Determine how many lines of the entries contain "lengths". Reply with that number alone.
[Start of Attachment]
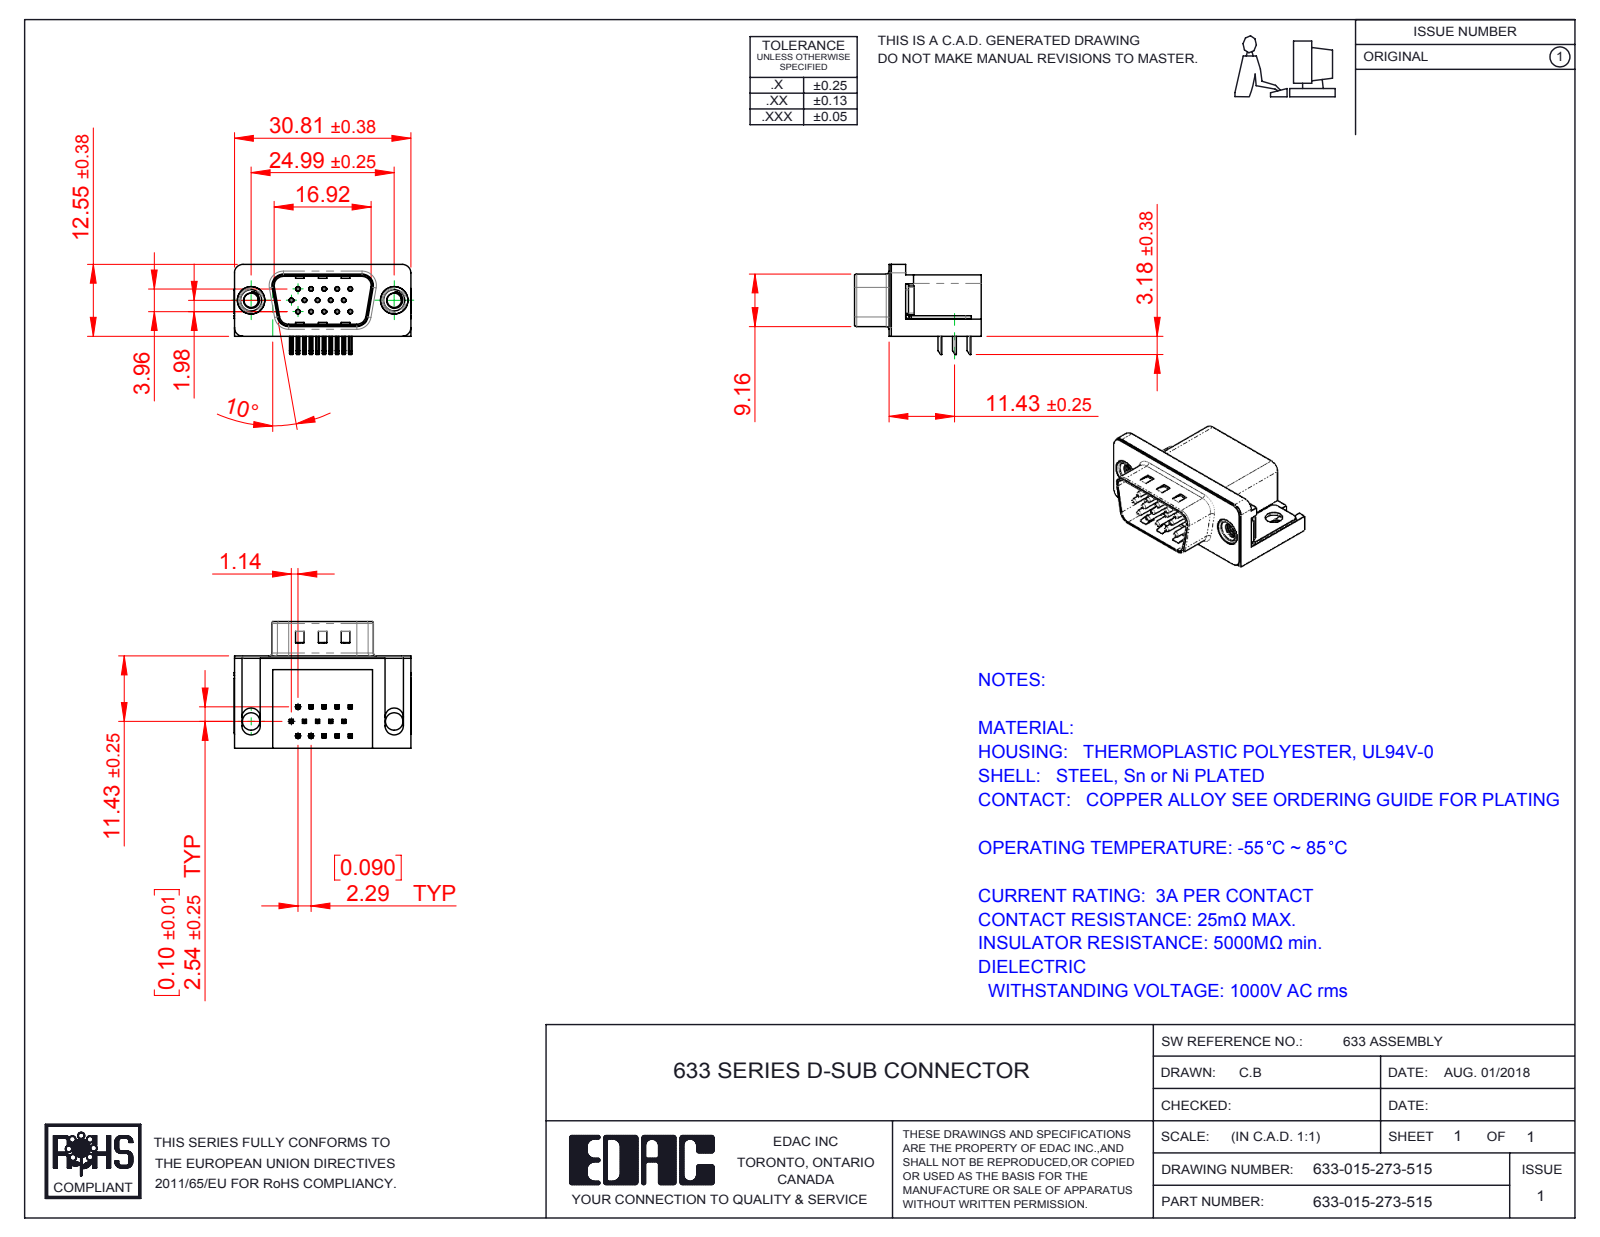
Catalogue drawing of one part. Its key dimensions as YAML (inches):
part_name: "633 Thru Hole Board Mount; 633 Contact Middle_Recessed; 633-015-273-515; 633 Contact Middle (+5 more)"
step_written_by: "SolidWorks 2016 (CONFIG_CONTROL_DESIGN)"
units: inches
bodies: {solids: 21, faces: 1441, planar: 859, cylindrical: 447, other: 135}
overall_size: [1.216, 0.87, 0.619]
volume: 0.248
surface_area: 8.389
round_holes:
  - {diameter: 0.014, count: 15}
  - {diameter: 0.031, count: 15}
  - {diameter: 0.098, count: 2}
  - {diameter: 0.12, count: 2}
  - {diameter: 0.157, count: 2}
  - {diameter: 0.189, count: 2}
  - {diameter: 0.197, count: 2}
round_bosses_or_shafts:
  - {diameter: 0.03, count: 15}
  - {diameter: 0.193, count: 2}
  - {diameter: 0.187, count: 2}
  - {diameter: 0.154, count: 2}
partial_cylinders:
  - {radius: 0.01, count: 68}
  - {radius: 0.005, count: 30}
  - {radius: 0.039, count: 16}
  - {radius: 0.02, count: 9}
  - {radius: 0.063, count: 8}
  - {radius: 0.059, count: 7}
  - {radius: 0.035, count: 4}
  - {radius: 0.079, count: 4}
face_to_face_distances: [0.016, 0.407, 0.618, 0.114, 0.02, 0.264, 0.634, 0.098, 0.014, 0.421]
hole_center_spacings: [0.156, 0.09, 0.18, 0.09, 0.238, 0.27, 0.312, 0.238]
[End of Attachment]
[Start of Attachment]
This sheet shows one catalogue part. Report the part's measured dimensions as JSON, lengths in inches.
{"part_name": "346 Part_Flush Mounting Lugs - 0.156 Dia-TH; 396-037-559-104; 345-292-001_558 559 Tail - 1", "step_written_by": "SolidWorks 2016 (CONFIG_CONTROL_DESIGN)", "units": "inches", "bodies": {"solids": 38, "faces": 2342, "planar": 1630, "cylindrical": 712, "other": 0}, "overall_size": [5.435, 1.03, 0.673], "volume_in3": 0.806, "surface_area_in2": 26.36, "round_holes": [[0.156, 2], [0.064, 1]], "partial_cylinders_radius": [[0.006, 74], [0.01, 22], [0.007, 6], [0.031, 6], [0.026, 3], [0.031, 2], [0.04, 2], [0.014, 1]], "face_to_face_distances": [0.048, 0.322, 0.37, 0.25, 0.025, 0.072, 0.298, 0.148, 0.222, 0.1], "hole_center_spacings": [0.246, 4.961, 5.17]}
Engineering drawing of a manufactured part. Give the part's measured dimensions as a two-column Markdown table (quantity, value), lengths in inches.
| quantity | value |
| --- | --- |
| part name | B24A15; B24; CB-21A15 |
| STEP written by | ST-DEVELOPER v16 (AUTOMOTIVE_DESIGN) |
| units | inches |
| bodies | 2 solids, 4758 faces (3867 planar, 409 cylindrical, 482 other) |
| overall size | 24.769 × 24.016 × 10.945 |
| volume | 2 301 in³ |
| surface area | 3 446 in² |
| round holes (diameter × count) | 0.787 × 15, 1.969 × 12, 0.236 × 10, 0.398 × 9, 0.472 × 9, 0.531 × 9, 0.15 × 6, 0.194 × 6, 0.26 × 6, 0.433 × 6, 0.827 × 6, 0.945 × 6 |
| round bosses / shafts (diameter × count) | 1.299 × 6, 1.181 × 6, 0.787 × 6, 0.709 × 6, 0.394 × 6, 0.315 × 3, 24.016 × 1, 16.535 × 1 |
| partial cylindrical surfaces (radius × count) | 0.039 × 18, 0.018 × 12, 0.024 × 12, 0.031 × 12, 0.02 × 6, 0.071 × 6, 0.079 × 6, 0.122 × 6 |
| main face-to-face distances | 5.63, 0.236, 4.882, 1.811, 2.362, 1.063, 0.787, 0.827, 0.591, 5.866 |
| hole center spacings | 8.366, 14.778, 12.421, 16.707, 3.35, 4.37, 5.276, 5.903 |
[End of Attachment]
*Response for this exercise*. 2